--- Data Enclosed Below ---

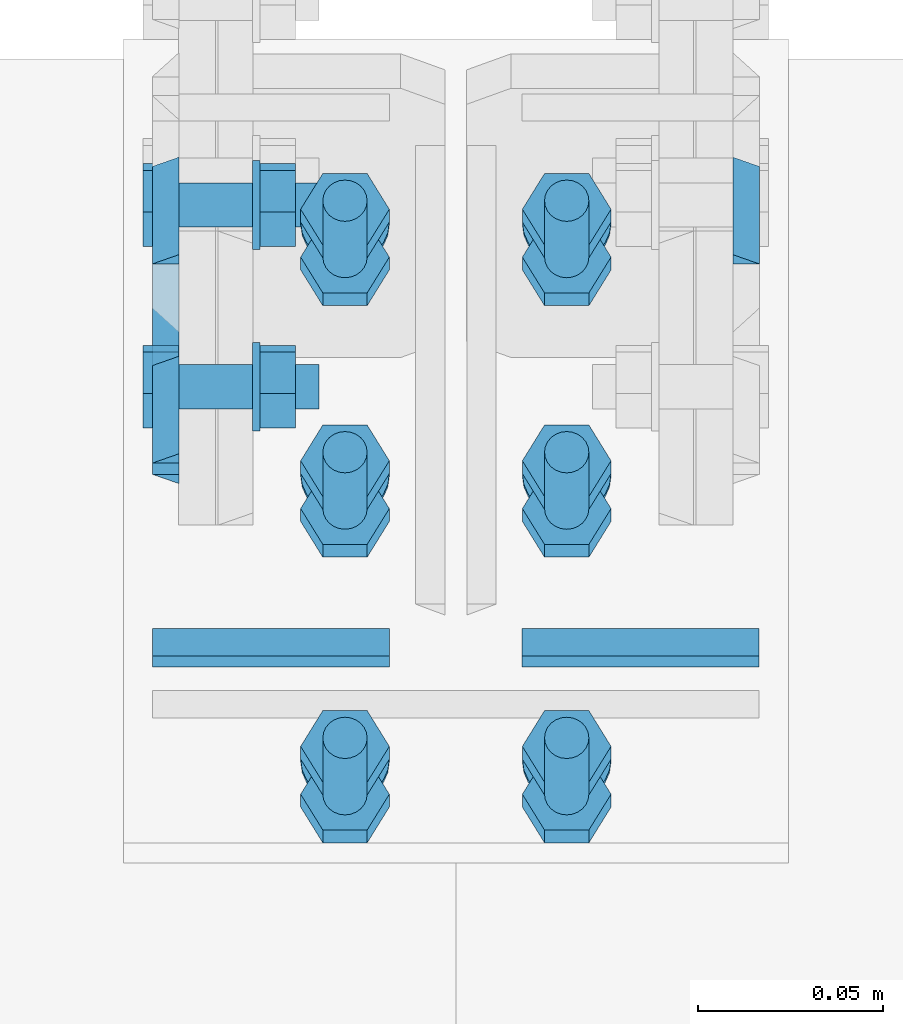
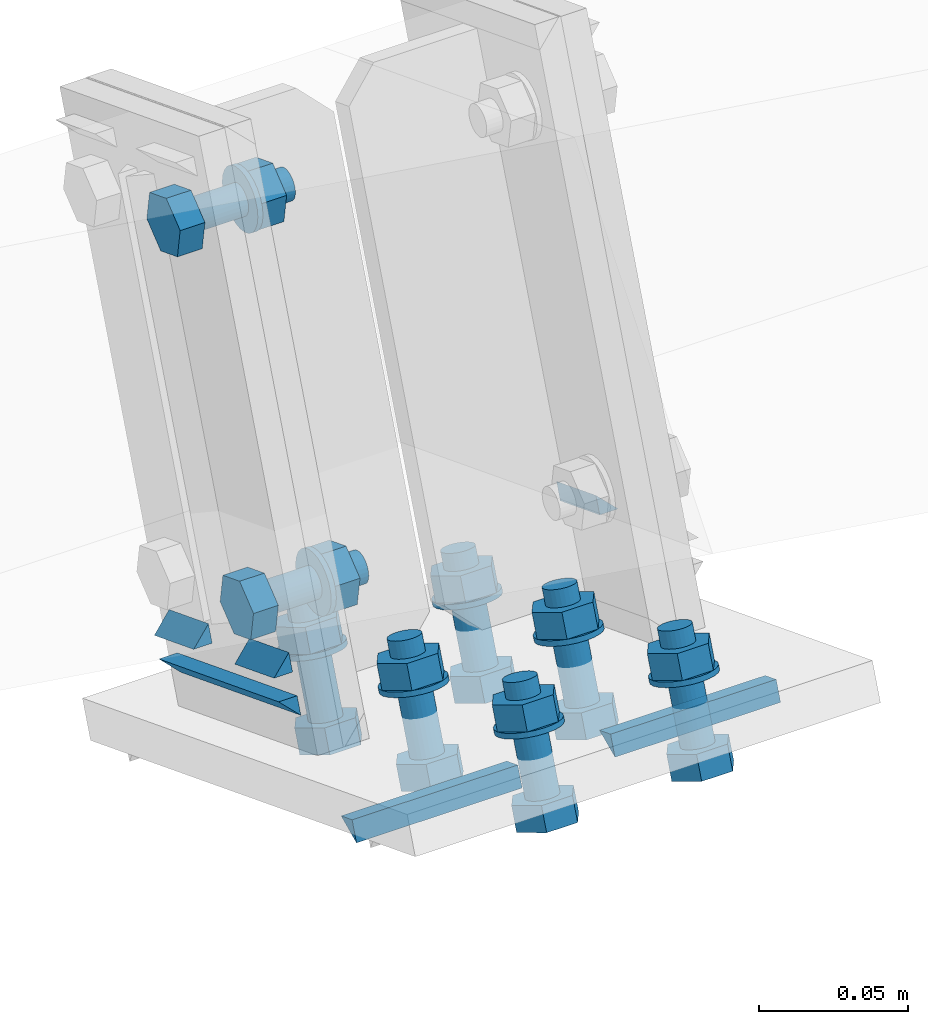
# One storey, part 48 of 72: 32 mechanical fasteners, 11 fasteners.
"""IFC4 building model written with IfcOpenShell, lengths in metres."""

import ifcopenshell
import ifcopenshell.guid

model = None  # the IFC model being written
_history = None  # IfcOwnerHistory: only IFC2X3 demands one
_inside = {}  # id of a spatial element -> (the spatial element, [elements in it])
_under = {}  # id of a project, library or spatial element -> (it, [spatial elements below it])
_declared = {}  # id of a project -> (the project, [libraries it declares])
_typed = {}  # id of a type object -> (the type object, [elements of that type])
_made_of = {}  # id of a material, layer set ... -> (it, [elements and type objects made of it])


def new_model(schema):
    """Start an empty IFC model of exactly this schema.

    Asked for "IFC4X3", IfcOpenShell would pick the latest addendum, in which some entities
    have other attributes; the version numbers below select the first issue.
    IFC2X3 requires an IfcOwnerHistory on every rooted entity: one is made here for all.
    """
    global model, _history
    if schema == "IFC4X3":
        model = ifcopenshell.file(schema_version=(4, 3, 0, 0))
    else:
        model = ifcopenshell.file(schema=schema)
    _inside.clear()
    _under.clear()
    _declared.clear()
    _typed.clear()
    _made_of.clear()
    _history = None
    if model.schema == "IFC2X3":
        org = make("IfcOrganization", Name="unknown")
        user = make(
            "IfcPersonAndOrganization",
            ThePerson=make("IfcPerson", FamilyName="unknown"),
            TheOrganization=org,
        )
        app = make(
            "IfcApplication",
            ApplicationDeveloper=org,
            Version="unknown",
            ApplicationFullName="unknown",
            ApplicationIdentifier="unknown",
        )
        _history = make(
            "IfcOwnerHistory",
            OwningUser=user,
            OwningApplication=app,
            ChangeAction="ADDED",
            CreationDate=0,
        )
    return model


def make(cls, **values):
    """One entity of the class cls with the attributes given. An attribute that is None is left unset."""
    return model.create_entity(
        cls, **{name: value for name, value in values.items() if value is not None}
    )


def rooted(cls, **values):
    """An entity with a GlobalId (a new one), such as an element, a storey or a relation."""
    return make(cls, GlobalId=ifcopenshell.guid.new(), OwnerHistory=_history, **values)


def si_unit(unit_type, name, prefix=None):
    """IfcSIUnit, for example si_unit("LENGTHUNIT", "METRE", prefix="MILLI")."""
    return make("IfcSIUnit", UnitType=unit_type, Prefix=prefix, Name=name)


def assignment(units):
    """IfcUnitAssignment: the units of a project."""
    return None if units is None else make("IfcUnitAssignment", Units=units)


def point(xyz):
    """IfcCartesianPoint."""
    return None if xyz is None else make("IfcCartesianPoint", Coordinates=xyz)


def direction(xyz):
    """IfcDirection."""
    return None if xyz is None else make("IfcDirection", DirectionRatios=xyz)


def frame(location, z_axis=None, x_axis=None):
    """IfcAxis2Placement3D, a coordinate frame: its origin and axes. An axis left out is left unset."""
    return make(
        "IfcAxis2Placement3D",
        Location=point(location),
        Axis=direction(z_axis),
        RefDirection=direction(x_axis),
    )


def origin_with_axes():
    """The frame at (0, 0, 0) with the z axis (0, 0, 1) and the x axis (1, 0, 0) written out."""
    return frame((0.0, 0.0, 0.0), z_axis=(0.0, 0.0, 1.0), x_axis=(1.0, 0.0, 0.0))


def place(relative_to, where):
    """IfcLocalPlacement: puts the frame where relative to a parent placement (None: the world)."""
    return make(
        "IfcLocalPlacement", PlacementRelTo=relative_to, RelativePlacement=where
    )


def context(
    kind, dimensions, precision=None, world=None, true_north=None, identifier=None
):
    """IfcGeometricRepresentationContext, for example the 3D "Model" context."""
    return make(
        "IfcGeometricRepresentationContext",
        ContextIdentifier=identifier,
        ContextType=kind,
        CoordinateSpaceDimension=dimensions,
        Precision=precision,
        WorldCoordinateSystem=world,
        TrueNorth=true_north,
    )


def project(units=None, contexts=None):
    """IfcProject with its units and contexts."""
    return rooted(
        "IfcProject",
        Name="project",
        RepresentationContexts=contexts,
        UnitsInContext=assignment(units),
    )


def spatial(cls, under=None, at=None, **own):
    """A site, building, storey or space (cls), placed at a placement, below another one or the project."""
    s = rooted(cls, ObjectPlacement=at, **own)
    if under is not None:
        _under.setdefault(under.id(), (under, []))[1].append(s)
    return s


def polyline(points):
    """IfcPolyline through the points."""
    return make("IfcPolyline", Points=[point(p) for p in points])


def outline(outer, holes=None, kind="AREA"):
    """IfcArbitraryClosedProfileDef: a profile drawn as a closed curve; with holes, ...WithVoids."""
    if holes is None:
        return make("IfcArbitraryClosedProfileDef", ProfileType=kind, OuterCurve=outer)
    return make(
        "IfcArbitraryProfileDefWithVoids",
        ProfileType=kind,
        OuterCurve=outer,
        InnerCurves=holes,
    )


def extrude(swept, where, along, depth):
    """IfcExtrudedAreaSolid: the profile swept, set in the frame where, extruded along a direction by depth."""
    return make(
        "IfcExtrudedAreaSolid",
        SweptArea=swept,
        Position=where,
        ExtrudedDirection=direction(along),
        Depth=depth,
    )


def shape(context_of_items, identifier, shape_type, items):
    """IfcShapeRepresentation: the items that make up one representation, for example the "Body"."""
    return make(
        "IfcShapeRepresentation",
        ContextOfItems=context_of_items,
        RepresentationIdentifier=identifier,
        RepresentationType=shape_type,
        Items=items,
    )


def made_of(thing, what):
    """Note that an element or type object is made of a material, layer set ...; save() writes the relation."""
    if what is not None:
        _made_of.setdefault(what.id(), (what, []))[1].append(thing)
    return thing


def type_object(cls, material=None, **own):
    """A type object (cls), such as IfcWallType, which elements share."""
    return made_of(rooted(cls, **own), material)


def element(
    cls,
    number,
    at=None,
    inside=None,
    cuts=None,
    type_object=None,
    material=None,
    context=None,
    identifier="Body",
    shape_type=None,
    held_by="IfcProductDefinitionShape",
    body=None,
    shapes=None,
    **own,
):
    """One element of the class cls, such as IfcWall. Its Tag is "e" and its number.

    at: its placement. inside: the storey or other place that contains it. cuts: it is an
    opening in that element (IfcRelVoidsElement). A single representation is given by context,
    identifier, shape_type and body (its items); several are given by shapes. held_by: the class
    of the entity that holds the representations. save() writes the other relations.
    """
    e = rooted(cls, Tag="e%d" % number, ObjectPlacement=at, **own)
    if body is not None:
        shapes = [shape(context, identifier, shape_type, body)]
    if shapes is not None:
        e.Representation = make(held_by, Representations=shapes)
    if inside is not None:
        _inside.setdefault(inside.id(), (inside, []))[1].append(e)
    if cuts is not None:
        rooted(
            "IfcRelVoidsElement", RelatingBuildingElement=cuts, RelatedOpeningElement=e
        )
    if type_object is not None:
        _typed.setdefault(type_object.id(), (type_object, []))[1].append(e)
    return made_of(e, material)


def aggregate(whole, parts):
    """IfcRelAggregates: a whole, such as a stair, and the parts it consists of."""
    return rooted("IfcRelAggregates", RelatingObject=whole, RelatedObjects=parts)


def save(model, path):
    """Write the relations noted so far, then the file.

    IfcRelAggregates (storeys below a building ...), IfcRelContainedInSpatialStructure (elements
    in a storey), IfcRelDefinesByType, IfcRelAssociatesMaterial and IfcRelDeclares: one each for
    every whole, place, type object, material and project.
    """
    for whole, parts in _under.values():
        aggregate(whole, parts)
    for where, things in _inside.values():
        rooted(
            "IfcRelContainedInSpatialStructure",
            RelatedElements=things,
            RelatingStructure=where,
        )
    for kind, things in _typed.values():
        rooted("IfcRelDefinesByType", RelatedObjects=things, RelatingType=kind)
    for what, things in _made_of.values():
        rooted("IfcRelAssociatesMaterial", RelatedObjects=things, RelatingMaterial=what)
    for by, libraries in _declared.values():
        rooted("IfcRelDeclares", RelatingContext=by, RelatedDefinitions=libraries)
    model.write(path)


model = new_model("IFC4")

# Units and contexts
model_context = context("Model", 3, precision=1e-05, world=origin_with_axes())
ifc_project = project(units=[si_unit("LENGTHUNIT", "METRE"), si_unit("AREAUNIT", "SQUARE_METRE"), si_unit("VOLUMEUNIT", "CUBIC_METRE"), si_unit("MASSUNIT", "GRAM", prefix="KILO"), si_unit("TIMEUNIT", "SECOND"), si_unit("PLANEANGLEUNIT", "RADIAN"), si_unit("SOLIDANGLEUNIT", "STERADIAN"), si_unit("THERMODYNAMICTEMPERATUREUNIT", "DEGREE_CELSIUS")], contexts=[model_context])

# Site, building, storey
placement_1 = place(None, origin_with_axes())
site = spatial("IfcSite", under=ifc_project, at=placement_1, Name="Italia", CompositionType="ELEMENT")
building = spatial("IfcBuilding", under=site, at=placement_1, Name="Uffici", CompositionType="ELEMENT")
storey = spatial("IfcBuildingStorey", under=building, at=placement_1, Name="Storey 0", CompositionType="ELEMENT", Elevation=0.0)

# Fasteners
fastener_type_1 = type_object("IfcFastenerType", Name="Collegamento 0208_0108", PredefinedType="WELD")
placement_2 = place(placement_1, origin_with_axes())
fastener_1_placement = place(placement_2, origin_with_axes())
element("IfcFastener", 1, at=fastener_1_placement, inside=storey, type_object=fastener_type_1, Name="Collegamento 0208_0108", context=model_context, shape_type="SweptSolid", body=[
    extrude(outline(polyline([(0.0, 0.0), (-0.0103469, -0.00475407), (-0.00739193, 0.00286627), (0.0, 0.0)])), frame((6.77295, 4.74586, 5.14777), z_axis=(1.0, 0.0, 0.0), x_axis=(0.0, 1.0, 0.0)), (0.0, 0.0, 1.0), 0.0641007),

--- End of Enclosed Data ---

__Task statement__.
Copy each line of the entries in which the string "path" is found.

__Worked solution__.
def save(model, path):
    model.write(path)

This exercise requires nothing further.